‘The People’
Following Lasantha’s death, Dayan Jayatilleke, as typical a voice from the government as can be, has declared that it doesn’t matter what the handful of us think; ‘the people’ still support Mahinda and his ‘winning’ this war. Indi asks, aren’t we ‘the people’, too? To which, in response, Jayatilleke confidently parrots propaganda that is the trademark of this government, and maybe those before it: majority, majority, majority. It doesn’t matter what the minorities think, be they ethnic minorities or religious minorities or a minority of people that feel different about the war. It’s the numbers that count to them.
He says some mysterious third element, the same one that killed Richard de Soyza, killed Lasantha. I say there’s no mystery about who killed Richard. Everyone knows who killed Richard, just like everyone knows who killed Lasantha. And this is the problem: it’s not just this government that kills people to protect its wrongdoings. Every government does it. And the fact of the matter is, it doesn’t matter anymore, really. It doesn’t matter whether the government was directly involved, indirectly involved, or heaven forbid, not involved at all. It doesn’t matter if Mahinda had NOTHING whatsoever to do with Lasantha’s murder, or whether he ordered the hit himself. The people (yes, they’re people, too) know what they believe. And that’s all that really matters now. It won’t matter how many times he denies it, or how many theories he puts forward, or many others he blames: ‘the people’ will remember that one week Lasantha was criticizing the government, the next he was dead; and this is too much of a coincidence to ever forget. By killing him, they only made him a martyr of his cause. Something that people will put up on a pedestal and rally around for decades, and Mahinda and his government have always had a nasty attitude towards media critical of its decisions, which won’t help their cause at all.
And Mahinda continues to ‘win’ the war. The masses blindly support him, drunk on his maniacal propaganda, eager for a country without war. But is a country that is simply without war going to be a country with peace?
So he’ll win the war, expand his fascist control to cover the North and the East, and crush the Tamil and Muslim minorities under his own heel. Because the war is just the consequence of a much bigger problem; not the problem itself. The Tamils will continue to suffer, living forever as second class citizens in their own motherland. To them, he’ll be just another tyrant. Prabhakaran, Mahinda: what’s the difference, really? Same bullshit, different asshole. That’s all. They’ll continue to live in fear.

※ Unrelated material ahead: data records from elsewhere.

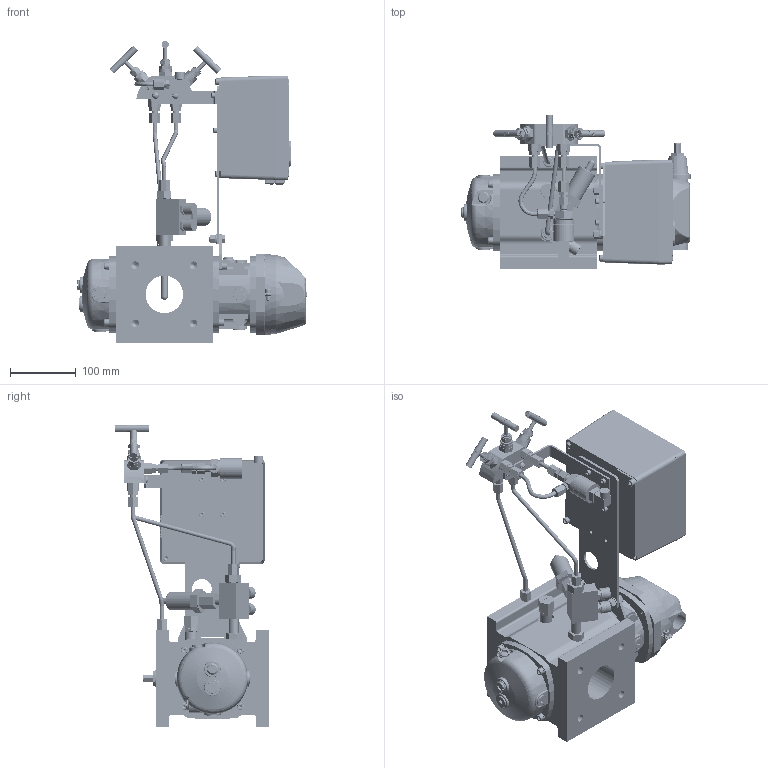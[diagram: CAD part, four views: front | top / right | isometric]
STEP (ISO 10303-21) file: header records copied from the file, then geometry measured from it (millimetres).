
FILE_DESCRIPTION(('STEP AP203'), '1');
FILE_NAME('楥-2230-G25', '', ('UNSPECIFIED'), ('UNSPECIFIED'), 'C3D Converter', 'C3D Toolkit', '');
FILE_SCHEMA(('CONFIG_CONTROL_DESIGN'));
Length unit declared in the file: millimetre
Bounding box: 348 x 232.75 x 458.75 mm (x, y, z)
Volume: 5012689.9 mm3; surface area: 727201.5 mm2
Topology: 5 solids, 8 shells, 10313 faces, 28834 edges, 19345 vertices
Faces by surface type: plane 5236, extrusion 2990, cylinder 1599, cone 270, torus 131, bspline 75, sphere 12
Full cylindrical faces by diameter (mm): 1 x23, 1.5 x1, 2 x11, 2.2 x1, 2.5 x4, 2.791 x1, 3 x17, 3.3 x4, 3.5 x4, 4 x33, 4.134 x4, 4.4 x1, 4.5 x8, 5 x5, 5.4 x1, 5.5 x5, 6 x18, 6.2 x5, 6.381 x1, 6.5 x11, 7 x16, 7.4 x4, 7.5 x7, 8 x5, 8.466 x1, 8.5 x9, 8.77 x4, 9.4 x9, 9.526 x2, 9.65 x1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
Entity records: 473651 total; most frequent: CARTESIAN_POINT 141528, ORIENTED_EDGE 55062, DIRECTION 41357, EDGE_CURVE 28131, VERTEX_POINT 19281, VECTOR 19167, LINE 16177, EDGE_LOOP 11933

‘The people’ only support him and his war because there’s nothing else to believe in. There’s no strong political opposition, or even an independent one, that offers ‘the people’ the same blessing: a war-less Sri Lanka. You have to admit, it’s a tough one to resist. It sounds so good, after all. Of course everyone is falling over themselves to support a man that claims he’ll end this dreadful war. Everyone’s fed up with it. Everyone just wants it to be over. Scarily, at whatever cost.
The current political opposition in this country doesn’t really offer anything that anyone will want to rally around. They have their own political agenda: they want to hit the government because they want to BE the government, not because they care about stopping this government from wrecking the nation. They’ll come into power and wreck it just the same.
What we need is an alternative solution. A serious solution that can mobilize ‘the people’ and their faith. And we need to win the propaganda war. The ‘other side’, whatever the other side is, needs to get their voice heard. They need to act. Because right now, the only face you can see and the only voice you can hear is Mahinda’s. People need to know that there can be another way. Get famous people on billboards, do events where people can make moving speeches: the works. We need it.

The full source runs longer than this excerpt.